Mother of All Placental Mammals

Recent work on the origin and radiation of placental mammals is an example of creative new approaches to comparative anatomical work. From such studies has come a reconstruction of the as-yet-undiscovered common ancestor of all placentals, one that is solidly based on scientific evidence.

Assembling disparate information from the data on the placental mammal tree into a reconstruction was a collaboration between scientific artist Carl Buell and our team of researchers. Buell’s challenge was to draw a picture of something he couldn’t see, that no one had ever seen, purely on the basis of the optimization of traits on the tree. Through extensive back-and-forth with scientists, Buell produced a masterful visual synthesis of the hypothetical placental ancestor living in an ancient Paleogene ecosystem.

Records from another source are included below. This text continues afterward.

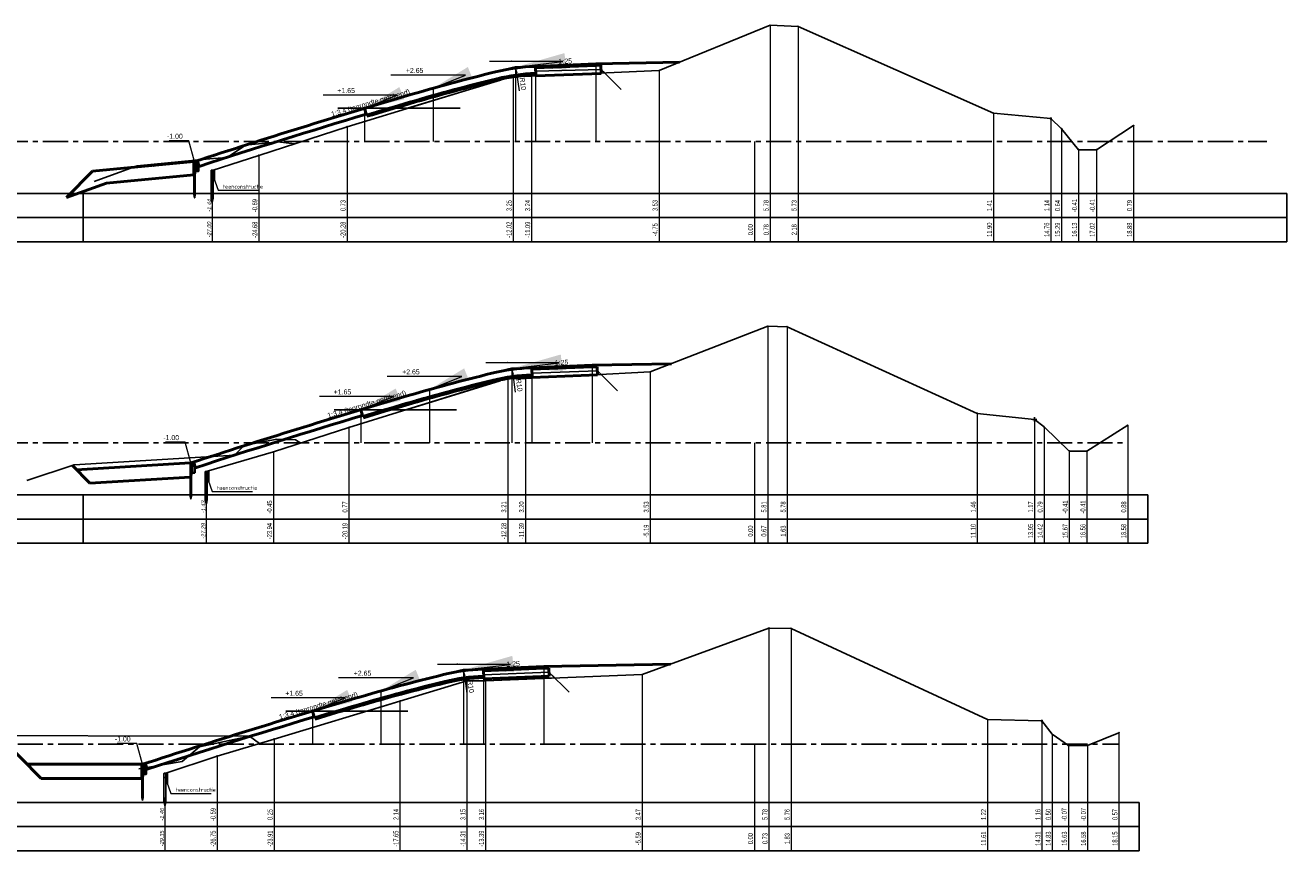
# Model space of a CAD drawing. Header units: metres. Extents: x -7 to 2281, y 7146 to 7816.
# Tile 6 of 29: x 2175 to 2238, y 7280 to 7322. Entities that reach past the tile are written whole.
import ezdxf
from ezdxf.enums import TextEntityAlignment as Align

# ---------------------------------------------------------------- set-up
doc = ezdxf.new("R2010")
doc.units = ezdxf.units.M
doc.linetypes.add('HIDDEN', pattern=[9.525, 6.35, -3.175])
doc.linetypes.add('NAP', pattern=[20, 12.5, -2.5, 2.5, -2.5])
for name, color, linetype in [('BS-HEKWERK-KL-1_5M', 1, 'Continuous'), ('BS-INSTEEK-SLOOT-KPN', 1, 'Continuous'), ('BS-KANT-KREUKELBERM', 255, 'Continuous'), ('BS-KRUINLIJN', 1, 'Continuous'), ('BS-PERKOENRIJ', 255, 'Continuous'), ('BS-RASTER', 255, 'Continuous'), ('BS-SCHEIDINGSLIJN-TALUDBEKL', 255, 'Continuous'), ('BS-STORTSTEENLIJN', 6, 'Continuous'), ('BS-TEENLIJN', 1, 'Continuous'), ('BS-TEENSCHOT-GECONSTRUEERD', 198, 'Continuous'), ('BS-TUSSENBERM', 1, 'Continuous'), ('BS-WATERLIJN-KPN', 1, 'Continuous'), ('BS-ZANDLIJN', 32, 'Continuous'), ('DP-BS-profiel', 2, 'Continuous'), ('DP-Matenbalk', 7, 'Continuous'), ('DP-Matenbalk_bestaandehoogten', 6, 'Continuous'), ('DP-NAP-lijn', 5, 'NAP')]:
    doc.layers.add(name, color=color, linetype=linetype)
for name, color, linetype, lineweight in [('DP-BS-maatvoering', 2, 'Continuous', 20), ('DP-BS-matenbalk_verlenglijnen', 253, 'Continuous', 0), ('DP-Matenbalk_verlenglijnen_best', 253, 'Continuous', 0), ('DP-NW-maatvoering', 7, 'Continuous', 35), ('DP-NW-matenbalk_verlenglijnen', 135, 'Continuous', 0), ('DP-NW-profiel', 4, 'Continuous', 50), ('DP-NW-teenschot', 2, 'Continuous', 25), ('DP-NW-Uitvullaag', 1, 'Uitvullaag', 18)]:
    doc.layers.add(name, color=color, linetype=linetype, lineweight=lineweight)
doc.layers.add('DP-NW-arcrand', color=142, linetype='Continuous', plot=False)
doc.styles.add('bestomschr', font='isocp.shx', dxfattribs={"width": 0.96})
doc.styles.add('dp-besthgt', font='StagCAD.ttf', dxfattribs={"oblique": 10, "height": 0.2})
doc.styles.add('StagCAD', font='StagCAD.ttf')
doc.linetypes.add('Uitvullaag', pattern='A,0,-0.005,[191,UITVULLAAG.shx,S=0.007,R=0,X=0,Y=0],-0.5', length=0.505)
doc.dimstyles.new('best-leader 1_100', dxfattribs={"dimscale": 0.1, "dimtxt": 2, "dimasz": 1.6, "dimexe": 0, "dimexo": 0, "dimgap": 0.8, "dimtad": 1, "dimrnd": 0.001, "dimzin": 1, "dimdsep": 46, "dimtxsty": 'bestomschr', "dimblk": 'RAD_PIJL', "dimcen": 0.09, "dimse1": 1, "dimse2": 1, "dimclrd": 212, "dimclre": 1, "dimclrt": 2, "dimazin": 0, "dimtfac": 1, "dimtix": 1, "dimtmove": 0, "dimatfit": 0, "dimfxl": 1, "dimtvp": 0.83, "dimtolj": 1, "dimtzin": 0, "dimlwd": 5, "dimarcsym": 0})
doc.dimstyles.new('GM-maatvoering', dxfattribs={"dimtxt": 2.5, "dimasz": 2.5, "dimexe": 1, "dimexo": 0, "dimgap": 1, "dimtad": 1, "dimrnd": 0.001, "dimzin": 1, "dimdsep": 46, "dimtxsty": 'StagCAD', "dimcen": 0.09, "dimclrd": 1, "dimclre": 1, "dimclrt": 7, "dimazin": 0, "dimtfac": 1, "dimtix": 1, "dimtmove": 0, "dimatfit": 3, "dimfxl": 1, "dimfxlon": 1, "dimtvp": 0.83, "dimtolj": 1, "dimtzin": 0, "dimlwd": 15, "dimlwe": 15, "dimarcsym": 0})
doc.dimstyles.new('leader 1_100', dxfattribs={"dimscale": 0.1, "dimtxt": 2.5, "dimasz": 2, "dimexe": 0, "dimexo": 0, "dimgap": 1, "dimtad": 1, "dimrnd": 0.001, "dimzin": 1, "dimdsep": 46, "dimtxsty": 'StagCAD', "dimblk": 'RAD_PIJL', "dimcen": 0.09, "dimse1": 1, "dimse2": 1, "dimclrd": 1, "dimclre": 1, "dimclrt": 7, "dimazin": 0, "dimtfac": 1, "dimtix": 1, "dimtmove": 0, "dimatfit": 0, "dimfxl": 1, "dimtvp": 0.83, "dimtolj": 1, "dimtzin": 0, "dimlwd": 15, "dimarcsym": 0})

# ---------------------------------------------------------------- blocks, each defined once
blk = doc.blocks.new('15', base_point=(577.872525, -2.976085))
at = {"layer": 'BS-PERKOENRIJ'}
blk.add_lwpolyline([(577.716275, -3.444835), (577.591275, -3.382335), (577.466275, -3.257335), (577.403775, -3.132335), (577.372525, -3.007335), (577.372525, -2.944835), (577.403775, -2.819835), (577.466275, -2.694835), (577.591275, -2.569835), (577.716275, -2.507335), (577.841275, -2.476085), (577.903775, -2.476085), (578.028775, -2.507335), (578.153775, -2.569835), (578.278775, -2.694835), (578.341275, -2.819835), (578.372525, -2.944835), (578.372525, -3.007335), (578.341275, -3.132335), (578.278775, -3.257335), (578.153775, -3.382335), (578.028775, -3.444835), (577.903775, -3.476085), (577.841275, -3.476085)], close=True, dxfattribs=at)
blk = doc.blocks.new('123', base_point=(750, -20.1))
at = {"layer": 'BS-HEKWERK-KL-1_5M'}
for points in [[(749.75, -20.35), (750.25, -19.85)], [(750.25, -20.35), (749.75, -19.85)]]:
    blk.add_lwpolyline(points, dxfattribs=at)
blk = doc.blocks.new('RAD_PIJL')
at = {"color": 1, "linetype": 'Continuous'}
blk.add_solid([(-2.828, -0.75), (-2.828, 0.75), (0, 0)], dxfattribs=at)
blk = doc.blocks.new('BSHO')
at = {"layer": 'DP-Matenbalk_bestaandehoogten', "style": 'dp-besthgt', "oblique": 10}
for tag, p in [('AFSTAND', (0.6, -0.013)), ('HOOGTE', (1.8, -0.013))]:
    blk.add_attdef(tag, text='', height=0.2, dxfattribs=at).set_placement(p, align=Align.BOTTOM_CENTER)
blk = doc.blocks.new('*D199')
at = {"color": 1, "lineweight": 15, "transparency": 16777216}
blk.add_line((0.19, 2.517), (0.066, 3.409), dxfattribs=at)
at = {"color": 1, "transparency": 16777216}
blk.add_solid([(0.107, 3.414), (0.025, 3.403), (0.031, 3.656)], dxfattribs=at)
at = {"layer": 'Defpoints', "color": 0, "transparency": 16777216}
for p in [(0.031, 3.656), (1.407, -6.249)]:
    blk.add_point(p, dxfattribs=at)
at = {"color": 7, "transparency": 16777216, "insert": (0.368, 2.87), "char_height": 0.25, "attachment_point": 5, "rotation": 277.90365, "style": 'StagCAD'}
blk.add_mtext('\\A1;R10', dxfattribs=at)
blk = doc.blocks.new('teenconstructie')
at = {"layer": 'DP-BS-profiel', "color": 1}
for p, q in [((-0.05, 0), (0.05, 0)), ((0, -1.6), (0, -1.44))]:
    blk.add_line(p, q, dxfattribs=at)
blk.add_lwpolyline([(-0.05, -1.4), (-0.05, 0), (-0.04, 0.01), (0.04, 0.01), (0.05, 0), (0.05, -1.4), (0.01, -1.6), (-0.01, -1.6)], close=True, dxfattribs=at)
blk.add_lwpolyline([(0.05, 0), (0.125, 0), (0.125, -0.5), (0.05, -0.5)], dxfattribs=at)
blk.add_ellipse((-0.021, -1.44), major_axis=(0, 0.04), ratio=0.525, start_param=4.712389, end_param=7.853982, dxfattribs=at)
at = {"layer": 'DP-BS-profiel', "color": 1, "extrusion": (0, 0, -1)}
blk.add_ellipse((0.021, -1.44), major_axis=(0, 0.04), ratio=0.525, start_param=4.712389, end_param=7.853982, dxfattribs=at)
at = {"layer": 'DP-BS-maatvoering', "color": 2, "insert": (0.537, -0.91), "char_height": 0.2, "attachment_point": 7, "style": 'bestomschr'}
blk.add_mtext('\\A1;teenconstructie', dxfattribs=at)
at = {"layer": 'DP-BS-maatvoering', "annotation_type": 0, "has_hookline": 1, "hookline_direction": 0, "text_width": 1.767}
blk.add_leader([(0, -0.15), (0.297, -0.99), (0.457, -0.99)], dimstyle='best-leader 1_100', override={"dimgap": 0.8, "dimtad": 1}, dxfattribs=at)
blk = doc.blocks.new('dwp4 teen-1.00')
at = {"layer": 'DP-NW-maatvoering', "color": 1, "linetype": 'HIDDEN', "ltscale": 0.2}
for q in [(-0.998, 3.462), (0.971, 3.739)]:
    blk.add_line((0, 3.7), q, dxfattribs=at)
at = {"layer": 'DP-NW-matenbalk_verlenglijnen'}
for p, q in [((3.997, 3.86), (3.997, 0)), ((0, 3.7), (0, 0)), ((0.999, 3.74), (0.999, 0)), ((-4.104, 2.65), (-4.104, 0)), ((-7.514, 1.65), (-7.514, 0))]:
    blk.add_line(p, q, dxfattribs=at)
at = {"layer": 'DP-NW-profiel', "color": 3, "lineweight": 30}
blk.add_line((1.001, 3.705), (3.998, 3.825), dxfattribs=at)
at = {"layer": 'DP-NW-profiel'}
for p, q in [((1.002, 3.66), (4, 3.78)), ((4, 3.78), (3.997, 3.86)), ((4, 3.78), (4.25, 3.79)), ((4.266, 3.39), (4.25, 3.79)), ((1.018, 3.26), (0.999, 3.74)), ((1.018, 3.26), (4.266, 3.39)), ((-7.514, 1.65), (-7.413, 1.315)), ((-15.828, -0.985), (-15.745, -1.239))]:
    blk.add_line(p, q, dxfattribs=at)
for points in [[(-15.98, -1, -0.007195), (-5.372, 2.287, -0.01173), (-0.998, 3.462, -0.04983), (0.971, 3.739), (3.997, 3.86)], [(-7.413, 1.315, -0.001448), (-5.273, 1.951, -0.01173), (-0.915, 3.122, -0.04983), (0.985, 3.389), (1.013, 3.39)], [(-15.745, -1.239, -0.00565), (-7.427, 1.363, -0.00565)]]:
    blk.add_lwpolyline(points, format="xyb", dxfattribs=at)
at = {"layer": 'DP-NW-teenschot'}
blk.add_line((-16.015, -2.646), (-15.945, -2.646), dxfattribs=at)
at = {"layer": 'DP-NW-teenschot', "flags": 128}
blk.add_lwpolyline([(-15.974, -2.8), (-15.945, -2.646), (-15.945, -1), (-16.015, -1), (-16.015, -2.646), (-15.984, -2.8)], close=True, dxfattribs=at)
blk.add_lwpolyline([(-15.945, -1), (-15.925, -1), (-15.925, -1.6), (-15.945, -1.6)], dxfattribs=at)
at = {"layer": 'DP-NW-teenschot', "color": 3, "lineweight": 35, "flags": 128}
blk.add_lwpolyline([(-15.908, -1.485), (-15.908, -0.985), (-15.828, -0.985), (-15.788, -1.235), (-15.788, -1.485), (-15.908, -1.485)], dxfattribs=at)
at = {"layer": 'DP-NW-Uitvullaag', "ltscale": 4, "flags": 128}
for points in [[(-7.413, 1.315, -0.001448), (-5.273, 1.951, -0.01173), (-0.915, 3.122, -0.04983), (0.985, 3.389), (1.013, 3.39)], [(-15.745, -1.239, -0.00565), (-7.427, 1.363, -0.00565)]]:
    blk.add_lwpolyline(points, format="xyb", dxfattribs=at)
at = {"layer": 'DP-NW-maatvoering', "style": 'StagCAD'}
for s, rotation, p in [('1:25', 2.29067, (2.484, 3.799)), ('1:3.4 (tonrondte getekend)', 16.38954, (-7.165, 1.732))]:
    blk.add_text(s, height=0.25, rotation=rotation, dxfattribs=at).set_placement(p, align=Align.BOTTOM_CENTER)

Along with the external anatomy, many internal features could also be reconstructed. For mammals, the anatomical parts most often found as fossils are the teeth. Placental mammal teeth have evolved into an enormous range of shapes, sizes, and numbers, from dogs who have fewer teeth than many species and a specialized set of meat-shearing teeth, to sheep who have wide molars that can grate vegetation, to some bats that have fangs and low, bulbous, smooth molars. All these mammal groups diverged over time from ancestral tooth shape and tooth numbers.

We reconstructed the ancestral placental mammal’s dentition, which differs greatly from that of descendant groups. The ancestral molars are triangular, incisors are small and pointed, and the canine is the tallest tooth. By contrast, even the earliest bats, carnivores, and hoofed mammals are each identifiable by their transformed dental anatomy. These species appear within less than 10 million years after the K-Pg boundary, and even in this relatively short span of evolutionary time, they have all changed from this ancestral dentition.

Phenomic and genomic data are now being integrated in what are called simultaneous phylogenetic analyses to give us the fullest picture of the history of life on Earth. Powerful new Internet tools enable comparative anatomists to work not as isolated scholars reminiscent of the nineteenth century but as part of virtual collaborative teams exchanging images and hypotheses in real-time Internet workspaces. This approach opens new paths for building the Tree of Life for all species from insects and jellyfish to diatoms, dinosaurs, and plants.

The mammal Tree of Life project is as much about the process of how phylogeneticists can collaborate in the twenty-first century to tackle bigger and more complex problems as it is about any specific findings. Even with the advances brought about by teams working with new software, organizing phenomic data for the Tree of Life remains an enormous task, one that will take input from thousands of researchers and the public. For this reason, and with the aim of encouraging more widespread engagement in the scientific process of discovering where we came from, we configured the mammal Tree of Life project for open access on the MorphoBank website (www.morphobank.org).

New projects launched by the National Science Foundation are exploring techniques such as crowdsourcing to allow the public to assist scientists by scoring traits from images. Other approaches use computer algorithms to extract trait information directly from existing literature. Experts studying mollusks, plants, and other groups are building phylogenetic matrixes across the Tree of Life and using MorphoBank. The next few decades promise to bring much of anatomy into the open in online matrices that deliver scientific knowledge about the evolution of phenotypes to an audience worldwide.